The Deputy Chief Information Security Officer (DCISO) over Identity Access Management, Threat and Vulnerability Management, and Application Security is a senior Caterpillar cybersecurity position. This role requires a highly resourceful, experienced, self-driven individual with the ability to partner, execute, and lead through influence.
What You Will Do:

• Report to the Chief Information Security Officer and interact with other Deputy Chief Information Security Officers, Regional Security Directors, Business Risk Management personnel, business unit leadership, department heads and supervisors to enhance security risk management capabilities utilizing effective security risk management practices and tools.
• Manage and lead the Cybersecurity organization through strategic planning as well as project and program management. This position requires extensive collaboration to ensure the cybersecurity program has appropriately addressed risk, providing dependable, complete, and timely reporting of risk management issues and strategies.
• Drive strategic initiatives and participate in a wide variety of engagements on behalf of the Cybersecurity team.
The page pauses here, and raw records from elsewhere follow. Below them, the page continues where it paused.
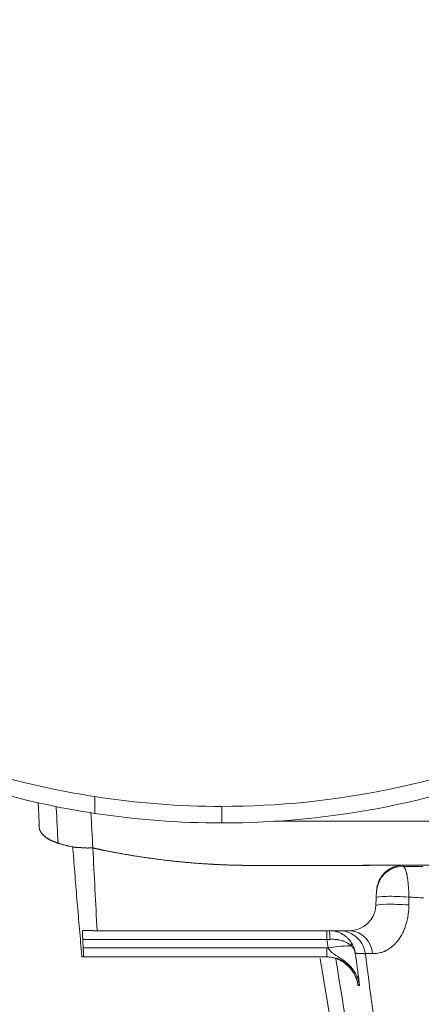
# Model space of a CAD drawing. Header units: millimetres. Extents: x 0 to 594, y 0 to 420.
# Tile 614 of 656: x 448.46 to 454.52, y 122.82 to 137.67. Entities that reach past the tile are written whole.
import ezdxf

# ---------------------------------------------------------------- set-up
doc = ezdxf.new("R2010")
doc.units = ezdxf.units.MM
doc.layers.add('1', color=7, linetype='Continuous', true_color=0xffffff)
doc.styles.add('Arial Unicode MS', font='txt')
doc.dimstyles.get("Standard").update_dxf_attribs({"dimtxt": 0.18, "dimasz": 0.18, "dimexe": 0.18, "dimexo": 0.0625, "dimgap": 0.09, "dimtad": 0, "dimtih": 1, "dimtoh": 1, "dimdec": 4, "dimzin": 0, "dimdsep": 46, "dimtxsty": 'Standard', "dimcen": 0.09, "dimadec": 0, "dimazin": 0, "dimtfac": 1, "dimtdec": 4, "dimtofl": 0, "dimtmove": 0, "dimatfit": 3, "dimfxl": 0, "dimtolj": 1, "dimtzin": 0, "dimarcsym": 0})

# ---------------------------------------------------------------- blocks, each defined once
blk = doc.blocks.new('_U6')
at = {"layer": '1', "color": 18, "lineweight": 13}
for p, q in [((446.313, 126.736), (446.313, 199.74)), ((549.313, 126.736), (549.313, 199.74)), ((446.313, 197.74), (549.313, 197.74))]:
    blk.add_line(p, q, dxfattribs=at)
at = {"layer": '1', "color": 18}
for points in [[(446.313, 197.74), (449.813, 198.678), (449.813, 196.802)], [(549.313, 197.74), (545.813, 196.802), (545.813, 198.678)]]:
    blk.add_solid(points, dxfattribs=at)
at = {"layer": '1', "color": 18, "linetype": 'Continuous', "lineweight": 13, "char_height": 2.5, "attachment_point": 7, "line_spacing_factor": 1.047437, "style": 'Arial Unicode MS'}
for s, insert in [('\\fArial Unicode MS|b0|i0;\\W1.0000;2.1', (495.643, 203.405)), ('\\fArial Unicode MS|b0|i0;\\W1.0000; DEFLATED TUBES WIDTH', (476.111, 198.362))]:
    blk.add_mtext(s, dxfattribs=dict(at, insert=insert))

msp = doc.modelspace()

# ---------------------------------------------------------------- linework, layer by layer
at = {"layer": '1', "color": 155, "linetype": 'Continuous', "lineweight": 18}
for p, q in [((453.833, 124.312), (453.845, 124.542)), ((449.629, 123.933), (453.433, 123.933)), ((449.424, 123.539), (453.092, 123.539))]:
    msp.add_line(p, q, dxfattribs=at)
at = {"layer": '1', "color": 155, "linetype": 'Continuous', "lineweight": 13}
for p, q in [((453.095, 123.933), (453.095, 123.802)), ((449.412, 123.802), (453.095, 123.802)), ((453.092, 123.676), (449.418, 123.676)), ((453.092, 123.539), (453.092, 123.676))]:
    msp.add_line(p, q, dxfattribs=at)
at = {"layer": '1', "color": 155, "linetype": 'Continuous', "lineweight": 18}
for centre, major_axis, ratio, start_param, end_param in [((454.243, 124.505), (0.399, -0.023), 0.999994, 1.627497, 3.145501), ((453.433, 124.333), (-0.4, 0), 0.999986, 1.570796, 3.089233), ((453.278, 123.535), (-0.011, -0.4), 0.999954, 1.728653, 2.812256), ((453.07, 123.04), (0.015, 0.5), 0.99996, 5.65349, 6.313614)]:
    msp.add_ellipse(centre, major_axis=major_axis, ratio=ratio, start_param=start_param, end_param=end_param, dxfattribs=at)
at = {"layer": '1', "color": 155, "linetype": 'Continuous', "lineweight": 13}
for centre, major_axis, ratio, start_param, end_param in [((454.239, 124.412), (0.399, -0.021), 0.088152, 1.341353, 3.141607), ((454.232, 124.292), (0.399, -0.021), 0.091183, 1.325688, 3.141607), ((453.125, 123.789), (0, -0.15), 0.118102, 1.674126, 2.854899), ((453.278, 123.535), (-0.011, -0.4), 0.999954, 2.812256, 3.079712), ((453.433, 123.534), (0, -0.4), 0.888333, 1.706534, 3.078341), ((453.113, 123.641), (-0.396, -0.056), 0.086586, 3.61633, 4.700257), ((453.332, 123.681), (0.123, 0.086), 0.630104, 5.656511, 6.273808), ((453.07, 123.04), (0.015, 0.5), 0.99996, 4.884679, 5.65349)]:
    msp.add_ellipse(centre, major_axis=major_axis, ratio=ratio, start_param=start_param, end_param=end_param, dxfattribs=at)
at = {"layer": '1', "color": 155, "linetype": 'Continuous', "lineweight": 18}
for points, degree, knots in [([(438.76, 138.309), (438.76, 137.472), (438.842, 136.643), (439.168, 135.001), (439.41, 134.203), (440.051, 132.657), (440.444, 131.922), (441.374, 130.53), (441.903, 129.885), (443.086, 128.702), (443.731, 128.173), (445.123, 127.243), (445.858, 126.85), (447.404, 126.209), (448.202, 125.967), (449.212, 125.766), (449.402, 125.733), (449.592, 125.704)], 3, [0, 0, 0, 0, 0.138299, 0.138299, 0.276597, 0.276597, 0.414896, 0.414896, 0.553194, 0.553194, 0.691493, 0.691493, 0.829791, 0.829791, 0.96809, 0.96809, 1, 1, 1, 1]), ([(449.592, 125.957), (449.384, 125.99), (448.338, 126.179), (446.513, 126.758), (444.311, 127.989), (442.428, 129.604), (440.92, 131.523), (439.823, 133.665), (439.159, 135.951), (439.01, 137.523), (439.01, 138.309)], 3, [0, 0, 0, 0, 0.034187, 0.172161, 0.310134, 0.448107, 0.58608, 0.724054, 0.862027, 1, 1, 1, 1]), ([(451.51, 125.559), (452.347, 125.559), (453.177, 125.641), (454.818, 125.967), (455.616, 126.209), (457.163, 126.85), (457.898, 127.243), (459.29, 128.173), (459.934, 128.702), (461.118, 129.885), (461.646, 130.53), (462.576, 131.922), (462.969, 132.657), (463.61, 134.203), (463.852, 135.001), (464.178, 136.643), (464.26, 137.472), (464.26, 138.309)], 3, [0, 0, 0, 0, 0.125, 0.125, 0.25, 0.25, 0.375, 0.375, 0.5, 0.5, 0.625, 0.625, 0.75, 0.75, 0.875, 0.875, 1, 1, 1, 1]), ([(448.739, 125.869), (448.74, 125.847), (448.744, 125.774), (448.75, 125.663), (448.754, 125.574), (448.756, 125.531)], 3, [0, 0, 0, 0, 0.154593, 0.554246, 1, 1, 1, 1]), ([(449.04, 125.255), (449.035, 125.256), (449.029, 125.257), (449.021, 125.26), (449.014, 125.262), (449, 125.265), (448.993, 125.274), (448.974, 125.279), (448.963, 125.283), (448.948, 125.289), (448.933, 125.297), (448.923, 125.301), (448.914, 125.304), (448.905, 125.31), (448.893, 125.319), (448.889, 125.32), (448.877, 125.329), (448.866, 125.337), (448.855, 125.338), (448.847, 125.347), (448.842, 125.353), (448.836, 125.359), (448.828, 125.367), (448.82, 125.37), (448.813, 125.379), (448.809, 125.383), (448.805, 125.388), (448.799, 125.395), (448.792, 125.403), (448.784, 125.412), (448.781, 125.421), (448.778, 125.429), (448.775, 125.438), (448.766, 125.446), (448.763, 125.455), (448.759, 125.463), (448.761, 125.472), (448.758, 125.48), (448.754, 125.49), (448.757, 125.497), (448.753, 125.512), (448.751, 125.519), (448.753, 125.525), (448.756, 125.531), (448.756, 125.538), (448.756, 125.541)], 3, [0, 0, 0, 0, 0.027098, 0.03376, 0.055256, 0.076752, 0.130492, 0.14124, 0.194979, 0.216475, 0.259467, 0.270215, 0.291711, 0.323954, 0.334702, 0.377694, 0.39919, 0.409938, 0.452929, 0.463677, 0.485173, 0.506669, 0.517417, 0.560409, 0.581904, 0.592652, 0.59341, 0.624896, 0.646392, 0.667888, 0.700132, 0.721627, 0.732375, 0.775367, 0.786115, 0.807611, 0.839855, 0.86135, 0.872098, 0.91509, 0.936586, 0.947334, 0.958082, 0.979577, 1, 1, 1, 1]), ([(448.756, 125.531), (448.755, 125.531), (448.755, 125.53), (448.755, 125.528), (448.753, 125.525), (448.751, 125.521), (448.751, 125.512), (448.76, 125.499), (448.75, 125.491), (448.765, 125.476), (448.756, 125.46), (448.765, 125.447), (448.782, 125.43), (448.78, 125.417), (448.794, 125.401), (448.804, 125.391), (448.819, 125.368), (448.831, 125.369), (448.846, 125.346), (448.855, 125.338), (448.878, 125.331), (448.888, 125.318), (448.9, 125.317), (448.917, 125.299), (448.938, 125.302), (448.964, 125.272), (448.979, 125.288), (448.999, 125.266), (449.007, 125.264), (449.02, 125.26), (449.024, 125.259), (449.032, 125.256), (449.037, 125.255), (449.039, 125.255), (449.04, 125.254)], 5, [0, 0, 0, 0, 0, 0, 0.009531, 0.012681, 0.02658, 0.03478, 0.066842, 0.098903, 0.114934, 0.173146, 0.231251, 0.282723, 0.295862, 0.342994, 0.371884, 0.441613, 0.472359, 0.523403, 0.554544, 0.595346, 0.634317, 0.658047, 0.703384, 0.735988, 0.80274, 0.880681, 0.919796, 0.925005, 0.950648, 0.980793, 0.990841, 1, 1, 1, 1, 1, 1]), ([(452.304, 125.585), (452.618, 125.585), (452.932, 125.585), (453.89, 125.585), (454.535, 125.585), (456.467, 125.585), (457.756, 125.585), (459.044, 125.585)], 3, [0, 0, 0, 0, 0.139785, 0.139785, 0.426523, 0.426523, 1, 1, 1, 1]), ([(449.26, 125.197), (449.257, 125.198), (449.254, 125.198), (449.24, 125.202), (449.225, 125.205), (449.202, 125.212), (449.188, 125.211), (449.173, 125.217), (449.158, 125.222), (449.139, 125.228), (449.123, 125.23), (449.107, 125.231), (449.094, 125.238), (449.071, 125.244), (449.058, 125.249), (449.049, 125.252), (449.043, 125.254), (449.04, 125.255)], 3, [0, 0, 0, 0, 0.027844, 0.041033, 0.180762, 0.218992, 0.33368, 0.41014, 0.448369, 0.563058, 0.601287, 0.677746, 0.77332, 0.868894, 0.926238, 0.964468, 1, 1, 1, 1]), ([(449.564, 125.183), (449.615, 125.171), (449.719, 125.148), (449.978, 125.099), (450.291, 125.04), (450.659, 124.996), (451.016, 124.956), (451.386, 124.935), (451.65, 124.921), (452.156, 124.917), (452.815, 124.921), (453.638, 124.919), (454.603, 124.922), (455.72, 124.921), (456.59, 124.923), (457.452, 124.923), (458.147, 124.924), (458.662, 124.924), (458.994, 124.924), (459.29, 124.925), (459.388, 124.925), (459.446, 124.924), (459.481, 124.925), (459.491, 124.925)], 5, [0, 0, 0, 0, 0, 0, 0.026608, 0.053217, 0.133042, 0.15965, 0.186262, 0.20696, 0.239482, 0.266091, 0.413914, 0.517391, 0.620867, 0.724267, 0.827668, 0.851218, 0.950777, 0.970534, 0.982883, 0.994608, 1, 1, 1, 1, 1, 1]), ([(449.564, 125.183), (449.66, 125.162), (449.757, 125.142), (449.95, 125.104), (450.047, 125.087), (450.241, 125.055), (450.338, 125.04), (450.532, 125.013), (450.629, 125.001), (450.823, 124.979), (450.921, 124.969), (451.067, 124.957), (451.115, 124.953), (451.213, 124.946), (451.261, 124.942), (451.359, 124.936), (451.408, 124.934), (451.505, 124.929), (451.554, 124.927), (451.7, 124.922), (451.798, 124.92), (451.92, 124.919), (451.951, 124.919), (451.981, 124.919), (451.994, 124.919), (452, 124.919), (452.018, 124.919), (452.03, 124.919), (452.092, 124.919), (452.14, 124.919), (452.287, 124.919), (452.385, 124.919), (452.679, 124.92), (452.874, 124.92), (453.168, 124.92), (453.266, 124.92), (453.461, 124.92), (453.559, 124.92), (453.853, 124.92), (454.048, 124.921), (454.244, 124.921)], 3, [0, 0, 0, 0, 0.0625, 0.0625, 0.125, 0.125, 0.1875, 0.1875, 0.25, 0.25, 0.3125, 0.3125, 0.34375, 0.34375, 0.375, 0.375, 0.40625, 0.40625, 0.4375, 0.4375, 0.5, 0.5, 0.515625, 0.519531, 0.519531, 0.523437, 0.523437, 0.53125, 0.53125, 0.5625, 0.5625, 0.625, 0.625, 0.75, 0.75, 0.8125, 0.8125, 0.875, 0.875, 1, 1, 1, 1]), ([(449.398, 123.557), (449.392, 123.624), (449.386, 123.691), (449.375, 123.825), (449.369, 123.891), (449.357, 124.025), (449.351, 124.092), (449.34, 124.226), (449.334, 124.293), (449.323, 124.427), (449.317, 124.494), (449.306, 124.628), (449.301, 124.695), (449.29, 124.829), (449.285, 124.895), (449.274, 125.029), (449.268, 125.096), (449.262, 125.163)], 3, [0, 0, 0, 0, 0.125, 0.125, 0.25, 0.25, 0.375, 0.375, 0.5, 0.5, 0.625, 0.625, 0.75, 0.75, 0.875, 0.875, 1, 1, 1, 1]), ([(454.244, 124.921), (454.231, 124.921), (454.219, 124.92), (454.193, 124.918), (454.168, 124.914), (454.144, 124.908), (454.126, 124.903), (454.12, 124.901), (454.111, 124.898), (454.108, 124.897), (454.102, 124.894), (454.099, 124.893), (454.084, 124.887), (454.072, 124.882), (454.05, 124.871), (454.039, 124.864), (454.018, 124.851), (454.008, 124.843), (453.995, 124.834), (453.993, 124.832), (453.988, 124.828), (453.98, 124.821), (453.973, 124.815), (453.96, 124.802), (453.942, 124.784), (453.927, 124.764), (453.916, 124.749), (453.912, 124.743), (453.907, 124.735), (453.905, 124.733), (453.902, 124.727), (453.9, 124.725), (453.892, 124.711), (453.886, 124.7), (453.876, 124.677), (453.871, 124.665), (453.863, 124.641), (453.859, 124.629), (453.855, 124.614), (453.855, 124.611), (453.853, 124.605), (453.851, 124.595), (453.85, 124.586), (453.847, 124.567), (453.845, 124.554), (453.845, 124.542)], 3, [0, 0, 0, 0, 0.0625, 0.0625, 0.125, 0.1875, 0.1875, 0.21875, 0.21875, 0.234375, 0.234375, 0.25, 0.25, 0.3125, 0.3125, 0.375, 0.375, 0.4375, 0.4375, 0.453125, 0.453125, 0.46875, 0.5, 0.5, 0.5625, 0.625, 0.625, 0.65625, 0.65625, 0.671875, 0.671875, 0.6875, 0.6875, 0.75, 0.75, 0.8125, 0.8125, 0.875, 0.875, 0.890625, 0.890625, 0.90625, 0.9375, 0.9375, 1, 1, 1, 1]), ([(454.542, 124.905), (454.491, 124.905), (454.441, 124.905), (454.341, 124.905), (454.292, 124.905), (454.243, 124.905)], 3, [0, 0, 0, 0, 0.5, 0.5, 1, 1, 1, 1]), ([(449.406, 123.939), (449.406, 123.939), (449.406, 123.939), (449.406, 123.937), (449.406, 123.935), (449.406, 123.933), (449.406, 123.932), (449.406, 123.931), (449.406, 123.93), (449.406, 123.93), (449.406, 123.928), (449.406, 123.923), (449.407, 123.917), (449.407, 123.911), (449.407, 123.907), (449.407, 123.906), (449.407, 123.903), (449.407, 123.901), (449.407, 123.896), (449.408, 123.89), (449.408, 123.883), (449.408, 123.877), (449.408, 123.874), (449.408, 123.872), (449.409, 123.87), (449.409, 123.869), (449.409, 123.864), (449.409, 123.856), (449.41, 123.843), (449.41, 123.834), (449.411, 123.827), (449.411, 123.825), (449.411, 123.821), (449.411, 123.818), (449.411, 123.811), (449.412, 123.807), (449.412, 123.802)], 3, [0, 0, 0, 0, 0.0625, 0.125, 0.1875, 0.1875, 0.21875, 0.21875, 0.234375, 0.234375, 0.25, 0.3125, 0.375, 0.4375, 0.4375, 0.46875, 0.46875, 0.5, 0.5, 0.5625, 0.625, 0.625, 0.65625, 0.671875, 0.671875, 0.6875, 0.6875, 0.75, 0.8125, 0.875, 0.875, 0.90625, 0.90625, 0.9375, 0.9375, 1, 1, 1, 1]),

This role underscores the presumption that secure access to information, data, networks, and operations is critical to achieving enterprise business objectives.
• Accountability for overseeing, leading, and directing the enterprise Threat and Vulnerability Management program, working to reduce technical risk to an acceptable level in support of positive business outcomes.
• Management and execution of our Identity and Access Management (IAM) products and services across the extended global enterprise, and modernize IAM service offerings, to secure and protect Caterpillar, and improve productivity and customer experience.
• Oversee delivery of the enterprise application development security program, establishing the foundational structure for secure application development, secure coding practices, and continuous education across the enterprise.
• Develop and implement strategic and operational processes that enable business success while mitigating risk.
• Collaborate closely with other leaders to ensure information assets and associated technology, applications, systems, infrastructure, and processes are adequately protected throughout the digital ecosystem, even when the cybersecurity program may not be responsible for the underlying technology.
• Contribute to identifying, assessing, and managing security risks in a manner that meets compliance, quality, legal and regulatory requirements, and aligns with and supports the company risk posture. This includes assessing third-party service providers, partners, joint ventures, and acquisitions.
• The DCISO position assists in establishing and maintaining Caterpillar's relationship with the information security industry and profession. Building and maintaining relationships are necessary for the successful execution of the cybersecurity program.
• The DCISO will lead a team of 2-4 senior managers with a team of approximately 100 Caterpillar personnel and a team of external consultants.
• The DCISO provides decision support and governance through informal and formal means, including but not limited to metrics, dashboards, risk analysis and mitigation, acceptance, and reporting.
• The DCISO will provide the CISO with strategic recommendations and drive strategic initiatives and projects on behalf of the Cybersecurity leadership team.

Information Security Strategy and Architecture:

• Providing vision and leadership in the development and execution of an enterprise information security strategy and roadmap, including aligning with enterprise business strategy, gaining executive approval and support, and overseeing successful execution.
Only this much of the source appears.